Städte und Gemeinden haben nach den Corona-Beschlüssen von Bund und Ländern die uneinheitliche Linie bei den Schulöffnungen kritisiert. „Wenn unterschiedliche Länder jetzt unterschiedliche Stufenpläne umsetzen, wird das für die Bürgerinnen und Bürger noch unübersichtlicher“, sagte der Hauptgeschäftsführer des Städte- und Gemeindebunds, Gerd Landsberg, der „Rheinischen Post“. Notwendig seien „bundeseinheitliche Leitplanken, wie es weitergehen wird“. Dies gelte auch für die möglichen Öffnungen von Schulen. „Hier wäre eine Orientierung an einem bundeseinheitlichen System, bei welchen Inzidenzwerten welche Schritte folgen, wichtig gewesen“, sagte Landsberg. Er zeigte jedoch Verständnis für die Fortsetzung des Lockdowns. „Die Infektionszahlen sind weiterhin zu hoch.“ Auch im Hinblick auf die noch kaum verfügbaren Informationen zur Verbreitung von Virus-Mutationen sei es deshalb richtig, den Lockdown zunächst zu verlängern, um die Zahlen weiter herunterzubringen, sagte Landsberg. Die Präsidentin der Kultusministerkonferenz, Britta Ernst (SPD), begrüßte hingegen die Beschlüsse von Bund und Ländern zu den Schulen. „Die ersten, die von Lockerungen profitieren, sind Kinder und Jugendliche. Das ist ein gutes Ergebnis“, sagte Ernst der „Rheinischen Post“. „Die Länder werden jetzt verantwortungsvoll bei den Grundschulen mit schrittweisen Öffnungen beginnen.“ Ebenso begrüße die KMK die Prüfung, ob Erzieher und Lehrer früher geimpft werden können.

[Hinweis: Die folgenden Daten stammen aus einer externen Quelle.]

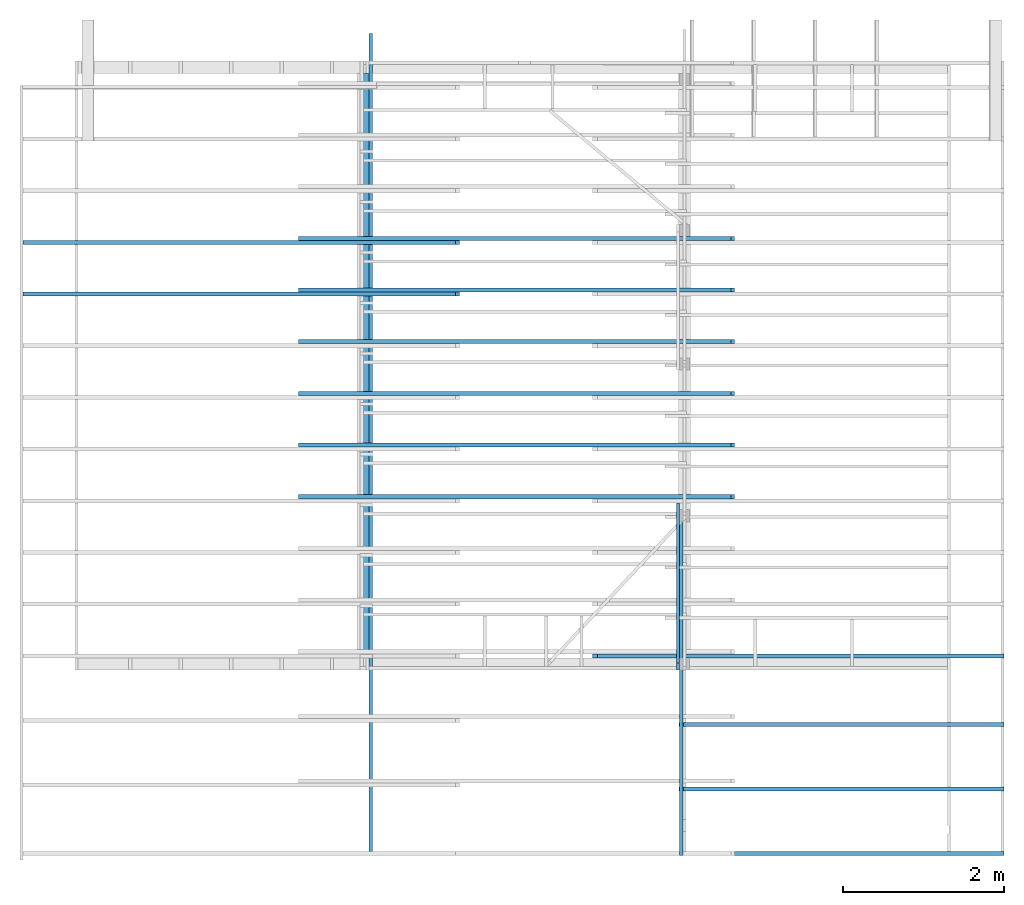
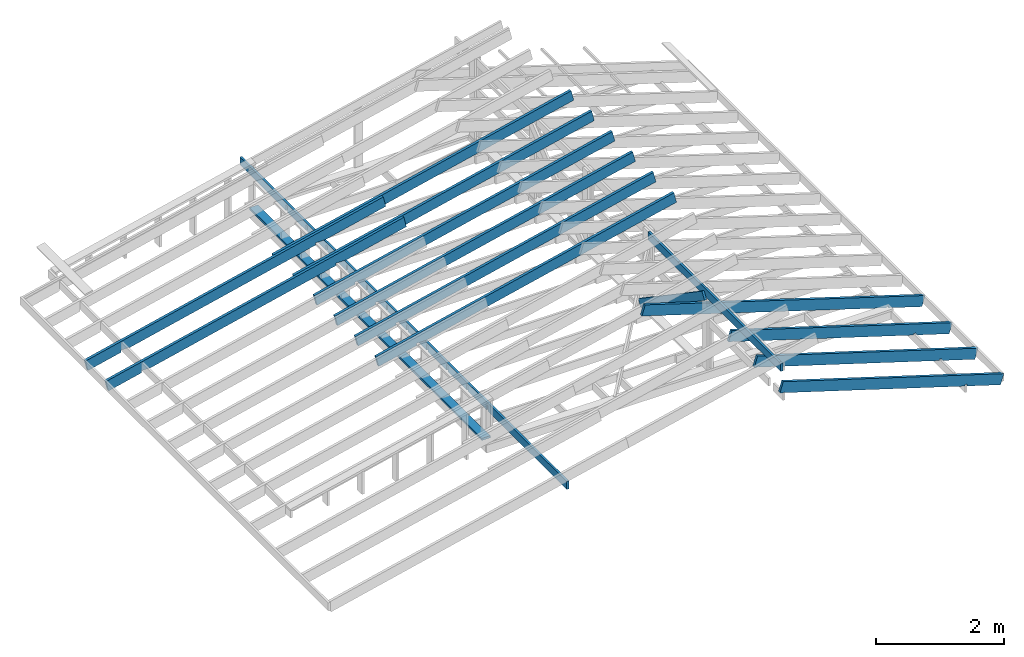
# One storey, part 3 of 6: 16 beams.
"""IFC4 building model written with IfcOpenShell, lengths in millimetres."""

import ifcopenshell
import ifcopenshell.guid

model = None  # the IFC model being written
_history = None  # IfcOwnerHistory: only IFC2X3 demands one
_inside = {}  # id of a spatial element -> (the spatial element, [elements in it])
_under = {}  # id of a project, library or spatial element -> (it, [spatial elements below it])
_declared = {}  # id of a project -> (the project, [libraries it declares])
_typed = {}  # id of a type object -> (the type object, [elements of that type])
_made_of = {}  # id of a material, layer set ... -> (it, [elements and type objects made of it])


def new_model(schema):
    """Start an empty IFC model of exactly this schema.

    Asked for "IFC4X3", IfcOpenShell would pick the latest addendum, in which some entities
    have other attributes; the version numbers below select the first issue.
    IFC2X3 requires an IfcOwnerHistory on every rooted entity: one is made here for all.
    """
    global model, _history
    if schema == "IFC4X3":
        model = ifcopenshell.file(schema_version=(4, 3, 0, 0))
    else:
        model = ifcopenshell.file(schema=schema)
    _inside.clear()
    _under.clear()
    _declared.clear()
    _typed.clear()
    _made_of.clear()
    _history = None
    if model.schema == "IFC2X3":
        org = make("IfcOrganization", Name="unknown")
        user = make(
            "IfcPersonAndOrganization",
            ThePerson=make("IfcPerson", FamilyName="unknown"),
            TheOrganization=org,
        )
        app = make(
            "IfcApplication",
            ApplicationDeveloper=org,
            Version="unknown",
            ApplicationFullName="unknown",
            ApplicationIdentifier="unknown",
        )
        _history = make(
            "IfcOwnerHistory",
            OwningUser=user,
            OwningApplication=app,
            ChangeAction="ADDED",
            CreationDate=0,
        )
    return model


def make(cls, **values):
    """One entity of the class cls with the attributes given. An attribute that is None is left unset."""
    return model.create_entity(
        cls, **{name: value for name, value in values.items() if value is not None}
    )


def rooted(cls, **values):
    """An entity with a GlobalId (a new one), such as an element, a storey or a relation."""
    return make(cls, GlobalId=ifcopenshell.guid.new(), OwnerHistory=_history, **values)


def si_unit(unit_type, name, prefix=None):
    """IfcSIUnit, for example si_unit("LENGTHUNIT", "METRE", prefix="MILLI")."""
    return make("IfcSIUnit", UnitType=unit_type, Prefix=prefix, Name=name)


def derived_unit(unit_type, elements):
    """IfcDerivedUnit: a product of units, each with its exponent."""
    return make(
        "IfcDerivedUnit",
        Elements=[
            make("IfcDerivedUnitElement", Unit=unit, Exponent=power)
            for unit, power in elements
        ],
        UnitType=unit_type,
    )


def assignment(units):
    """IfcUnitAssignment: the units of a project."""
    return None if units is None else make("IfcUnitAssignment", Units=units)


def point(xyz):
    """IfcCartesianPoint."""
    return None if xyz is None else make("IfcCartesianPoint", Coordinates=xyz)


def direction(xyz):
    """IfcDirection."""
    return None if xyz is None else make("IfcDirection", DirectionRatios=xyz)


def frame(location, z_axis=None, x_axis=None):
    """IfcAxis2Placement3D, a coordinate frame: its origin and axes. An axis left out is left unset."""
    return make(
        "IfcAxis2Placement3D",
        Location=point(location),
        Axis=direction(z_axis),
        RefDirection=direction(x_axis),
    )


def origin_with_axes():
    """The frame at (0, 0, 0) with the z axis (0, 0, 1) and the x axis (1, 0, 0) written out."""
    return frame((0.0, 0.0, 0.0), z_axis=(0.0, 0.0, 1.0), x_axis=(1.0, 0.0, 0.0))


def place(relative_to, where):
    """IfcLocalPlacement: puts the frame where relative to a parent placement (None: the world)."""
    return make(
        "IfcLocalPlacement", PlacementRelTo=relative_to, RelativePlacement=where
    )


def context(
    kind, dimensions, precision=None, world=None, true_north=None, identifier=None
):
    """IfcGeometricRepresentationContext, for example the 3D "Model" context."""
    return make(
        "IfcGeometricRepresentationContext",
        ContextIdentifier=identifier,
        ContextType=kind,
        CoordinateSpaceDimension=dimensions,
        Precision=precision,
        WorldCoordinateSystem=world,
        TrueNorth=true_north,
    )


def subcontext(parent, identifier, kind, view, scale=None):
    """IfcGeometricRepresentationSubContext, for example "Body" below "Model"."""
    return make(
        "IfcGeometricRepresentationSubContext",
        ContextIdentifier=identifier,
        ContextType=kind,
        ParentContext=parent,
        TargetScale=scale,
        TargetView=view,
    )


def project(units=None, contexts=None):
    """IfcProject with its units and contexts."""
    return rooted(
        "IfcProject",
        Name="project",
        RepresentationContexts=contexts,
        UnitsInContext=assignment(units),
    )


def spatial(cls, under=None, at=None, **own):
    """A site, building, storey or space (cls), placed at a placement, below another one or the project."""
    s = rooted(cls, ObjectPlacement=at, **own)
    if under is not None:
        _under.setdefault(under.id(), (under, []))[1].append(s)
    return s


def point_list(points):
    """IfcCartesianPointList2D or 3D."""
    cls = (
        "IfcCartesianPointList2D" if len(points[0]) == 2 else "IfcCartesianPointList3D"
    )
    return make(cls, CoordList=points)


def polygons(points, faces, closed=None, point_numbers=None):
    """IfcPolygonalFaceSet: a face is its outer loop, then its inner loops; points numbered from 1."""
    made = []
    for loops in faces:
        if len(loops) == 1:
            made.append(make("IfcIndexedPolygonalFace", CoordIndex=loops[0]))
        else:
            made.append(
                make(
                    "IfcIndexedPolygonalFaceWithVoids",
                    CoordIndex=loops[0],
                    InnerCoordIndices=loops[1:],
                )
            )
    return make(
        "IfcPolygonalFaceSet",
        Coordinates=point_list(points),
        Closed=closed,
        Faces=made,
        PnIndex=point_numbers,
    )


def shape(context_of_items, identifier, shape_type, items):
    """IfcShapeRepresentation: the items that make up one representation, for example the "Body"."""
    return make(
        "IfcShapeRepresentation",
        ContextOfItems=context_of_items,
        RepresentationIdentifier=identifier,
        RepresentationType=shape_type,
        Items=items,
    )


def source(mapping_origin, context_of_items, identifier, shape_type, items):
    """IfcRepresentationMap: a shape defined once, which mapped items show again and again."""
    return make(
        "IfcRepresentationMap",
        MappingOrigin=mapping_origin,
        MappedRepresentation=shape(context_of_items, identifier, shape_type, items),
    )


def transform(
    local_origin,
    x_axis=None,
    y_axis=None,
    z_axis=None,
    scale=None,
    scale2=None,
    scale3=None,
    uniform=True,
):
    """IfcCartesianTransformationOperator3D, or its non-uniform kind. x_axis, y_axis, z_axis: its Axis1, 2, 3."""
    if uniform:
        return make(
            "IfcCartesianTransformationOperator3D",
            Axis1=direction(x_axis),
            Axis2=direction(y_axis),
            LocalOrigin=point(local_origin),
            Scale=scale,
            Axis3=direction(z_axis),
        )
    return make(
        "IfcCartesianTransformationOperator3DnonUniform",
        Axis1=direction(x_axis),
        Axis2=direction(y_axis),
        LocalOrigin=point(local_origin),
        Scale=scale,
        Axis3=direction(z_axis),
        Scale2=scale2,
        Scale3=scale3,
    )


def mapped(mapping_source, mapping_target):
    """IfcMappedItem: shows the shape of a source again, moved by a transform."""
    return make(
        "IfcMappedItem", MappingSource=mapping_source, MappingTarget=mapping_target
    )


def material(Name=None, Category=None):
    """IfcMaterial."""
    return make("IfcMaterial", Name=Name, Category=Category)


def made_of(thing, what):
    """Note that an element or type object is made of a material, layer set ...; save() writes the relation."""
    if what is not None:
        _made_of.setdefault(what.id(), (what, []))[1].append(thing)
    return thing


def type_object(cls, material=None, **own):
    """A type object (cls), such as IfcWallType, which elements share."""
    return made_of(rooted(cls, **own), material)


def element(
    cls,
    number,
    at=None,
    inside=None,
    cuts=None,
    type_object=None,
    material=None,
    context=None,
    identifier="Body",
    shape_type=None,
    held_by="IfcProductDefinitionShape",
    body=None,
    shapes=None,
    **own,
):
    """One element of the class cls, such as IfcWall. Its Tag is "e" and its number.

    at: its placement. inside: the storey or other place that contains it. cuts: it is an
    opening in that element (IfcRelVoidsElement). A single representation is given by context,
    identifier, shape_type and body (its items); several are given by shapes. held_by: the class
    of the entity that holds the representations. save() writes the other relations.
    """
    e = rooted(cls, Tag="e%d" % number, ObjectPlacement=at, **own)
    if body is not None:
        shapes = [shape(context, identifier, shape_type, body)]
    if shapes is not None:
        e.Representation = make(held_by, Representations=shapes)
    if inside is not None:
        _inside.setdefault(inside.id(), (inside, []))[1].append(e)
    if cuts is not None:
        rooted(
            "IfcRelVoidsElement", RelatingBuildingElement=cuts, RelatedOpeningElement=e
        )
    if type_object is not None:
        _typed.setdefault(type_object.id(), (type_object, []))[1].append(e)
    return made_of(e, material)


def aggregate(whole, parts):
    """IfcRelAggregates: a whole, such as a stair, and the parts it consists of."""
    return rooted("IfcRelAggregates", RelatingObject=whole, RelatedObjects=parts)


def save(model, path):
    """Write the relations noted so far, then the file.

    IfcRelAggregates (storeys below a building ...), IfcRelContainedInSpatialStructure (elements
    in a storey), IfcRelDefinesByType, IfcRelAssociatesMaterial and IfcRelDeclares: one each for
    every whole, place, type object, material and project.
    """
    for whole, parts in _under.values():
        aggregate(whole, parts)
    for where, things in _inside.values():
        rooted(
            "IfcRelContainedInSpatialStructure",
            RelatedElements=things,
            RelatingStructure=where,
        )
    for kind, things in _typed.values():
        rooted("IfcRelDefinesByType", RelatedObjects=things, RelatingType=kind)
    for what, things in _made_of.values():
        rooted("IfcRelAssociatesMaterial", RelatedObjects=things, RelatingMaterial=what)
    for by, libraries in _declared.values():
        rooted("IfcRelDeclares", RelatingContext=by, RelatedDefinitions=libraries)
    model.write(path)


model = new_model("IFC4")

# Units and contexts
model_context = context("Model", 3, precision=1e-06, world=origin_with_axes())
body_context = subcontext(model_context, "Body", "Model", "MODEL_VIEW")
ifc_project = project(units=[si_unit("LENGTHUNIT", "METRE", prefix="MILLI"), si_unit("AREAUNIT", "SQUARE_METRE"), si_unit("VOLUMEUNIT", "CUBIC_METRE"), si_unit("MASSUNIT", "GRAM", prefix="KILO"), si_unit("ELECTRICVOLTAGEUNIT", "VOLT", prefix="KILO"), si_unit("THERMODYNAMICTEMPERATUREUNIT", "DEGREE_CELSIUS"), si_unit("PRESSUREUNIT", "PASCAL", prefix="MEGA"), si_unit("PLANEANGLEUNIT", "RADIAN"), derived_unit("THERMALCONDUCTANCEUNIT", [(si_unit("POWERUNIT", "WATT"), 1), (si_unit("LENGTHUNIT", "METRE"), -1), (si_unit("THERMODYNAMICTEMPERATUREUNIT", "KELVIN"), -1)]), derived_unit("MASSDENSITYUNIT", [(si_unit("MASSUNIT", "GRAM", prefix="KILO"), 1), (si_unit("VOLUMEUNIT", "CUBIC_METRE"), -1)])], contexts=[model_context])

# Site, building, storey
site_placement = place(None, origin_with_axes())
site = spatial("IfcSite", under=ifc_project, at=site_placement, CompositionType="ELEMENT")
building_placement = place(site_placement, origin_with_axes())
building = spatial("IfcBuilding", under=site, at=building_placement, CompositionType="ELEMENT")
storey_placement = place(building_placement, frame((0.0, 0.0, 2620.0), z_axis=(0.0, 0.0, 1.0), x_axis=(1.0, 0.0, 0.0)))
storey = spatial("IfcBuildingStorey", under=building, at=storey_placement, Name="Кровля", CompositionType="ELEMENT", Elevation=2620.0)

# Beams
ifc_material_1 = material(Name="Древесина оранж")
beam_type_1 = type_object("IfcBeamType", Name="Доска 50х200", PredefinedType="BEAM")
shared_shape_1 = source(origin_with_axes(), body_context, "Body", "Tessellation", [
    polygons([(-8e-15, -1.99e-13, -4607.7351247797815), (-9.09e-13, 22.174739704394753, -4600.75673698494), (-9.09e-13, 34.182184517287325, -4638.911962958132), (-8e-15, -2.04e-13, -4649.669092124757), (0.0, 0.0, -5278.678602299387), (-2.8e-14, 200.0000000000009, -5278.678602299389), (-2.8e-14, 199.9999999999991, -9.09e-13), (0.0, 0.0, 0.0), (-50.00000000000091, 22.174739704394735, -4600.75673698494), (-50.0, -9.9e-14, -4607.7351247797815), (-50.0, 0.0, 0.0), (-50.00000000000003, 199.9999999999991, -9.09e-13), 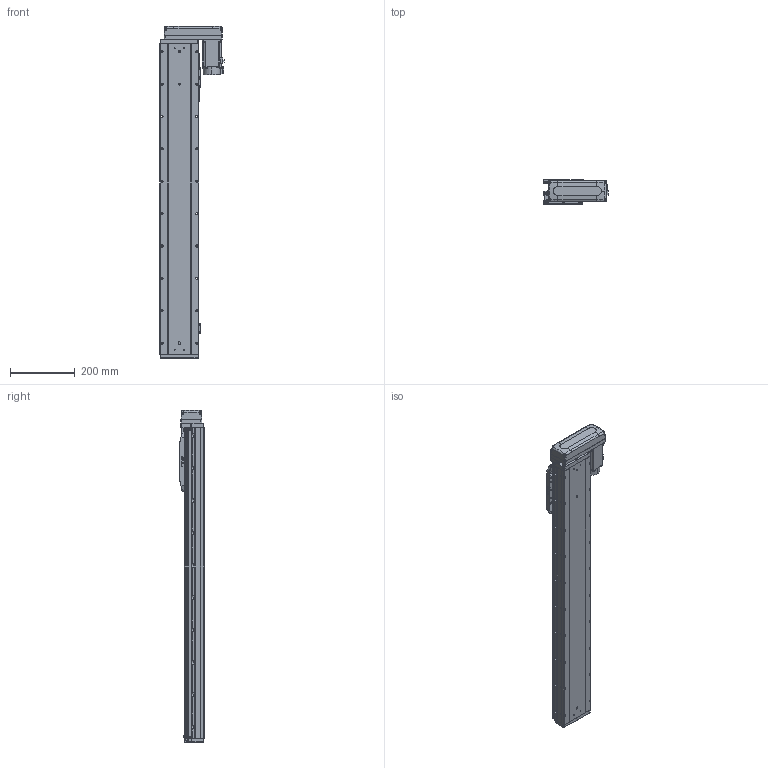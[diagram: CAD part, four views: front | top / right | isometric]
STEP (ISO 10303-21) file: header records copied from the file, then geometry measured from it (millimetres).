
FILE_DESCRIPTION (( 'STEP AP203' ), '1' );
FILE_NAME ('GTH12-750-BL-M40-C4.step', '2023-07-04T10:41:36', ( '微软用户' ), ( '微软中国' ), 'SwSTEP 2.0', 'SolidWorks 2020', '' );
FILE_SCHEMA (( 'CONFIG_CONTROL_DESIGN' ));
Length unit declared in the file: millimetre
Products named in the file (18): GTH120-003; GTH80-022; CTHA86-033_M40B; GTH120-006; GTH80-028; GTH120-027-1_GTH120-027-2; GTH120-004; GTH50-023; GTH12-750-BL-M40-C4; GTH120-013; GTH50-024; GBT 70.1-M3℅6; GBT96.1-2002 3×0.8; GBT 70.1-M5×16; BTH-M3X5X6; GTH120-001_750; GBT 70.3-M3℅8; hg-kn43j_-s100_
Assembly tree (59 placements, depth 2):
  GTH12-750-BL-M40-C4
    GTH120-001_750
    GTH120-003
    GTH120-006
    GTH120-004
    GTH120-013
    GBT 70.1-M3℅6  x14
    GBT 70.1-M5×16  x10
    GBT 70.3-M3℅8  x4
    GTH80-022
    GTH80-028  x2
    GTH50-023  x3
    GTH50-024  x3
    GBT96.1-2002 3×0.8  x6
    BTH-M3X5X6  x8
    hg-kn43j_-s100_
    CTHA86-033_M40B
    GTH120-027-1_GTH120-027-2
Bounding box: 199.8 x 76 x 1025.5 mm (x, y, z)
Volume: 7539315.7 mm3; surface area: 680115.2 mm2
Topology: 61 solids, 61 shells, 2474 faces, 5777 edges, 3545 vertices
Faces by surface type: plane 1270, cylinder 720, cone 296, torus 174, sphere 8, bspline 6
Entity records: 46531 total; most frequent: CARTESIAN_POINT 7882, DIRECTION 7713, ORIENTED_EDGE 7164, EDGE_CURVE 3582, AXIS2_PLACEMENT_3D 2697, LINE 2319, VECTOR 2319, VERTEX_POINT 2266

Lockdown an Akzeptanz und Vertrauen der Menschen gekoppelt

Der Deutsche Landkreistag spricht sich dafür aus, möglichst bald die strengen Kontaktbeschränkungen zur Eindämmung der Corona-Pandemie zu lockern. „Der fortgesetzte Lockdown ist an die Akzeptanz und das Vertrauen der Menschen gekoppelt“, sagte der Präsident des Landkreistags, Reinhard Sager, den Zeitungen des Redaktionsnetzwerks Deutschland vom Donnerstag. „Deshalb sollten wir neben der Öffnung der Schulen und der Friseure die ganz enge Kontaktbeschränkung auf eine Person außerhalb des eigenen Haushalts so schnell wie möglich aufgeben.“ „Der erkennbare Rückgang bei den Infektionszahlen eröffnet perspektivisch die Spielräume, um zu Lockerungen zu gelangen“, fügte Sager hinzu. „Dafür ist es wichtig, dass Bund und Länder zügig weitere Öffnungsschritte abstimmen.“ Die fortdauernden Belastungen durch den Lockdown seien nur vermittelbar, „wenn der Plan mit realistischen, erreichbaren Zahlen unterlegt wird, anhand derer man abschätzen kann, was ab welchem Wert wieder geöffnet werden kann“, führte Sager aus. Die bereits vorgelegten Stufenpläne einzelner Bundesländer wiesen dabei in die richtige Richtung.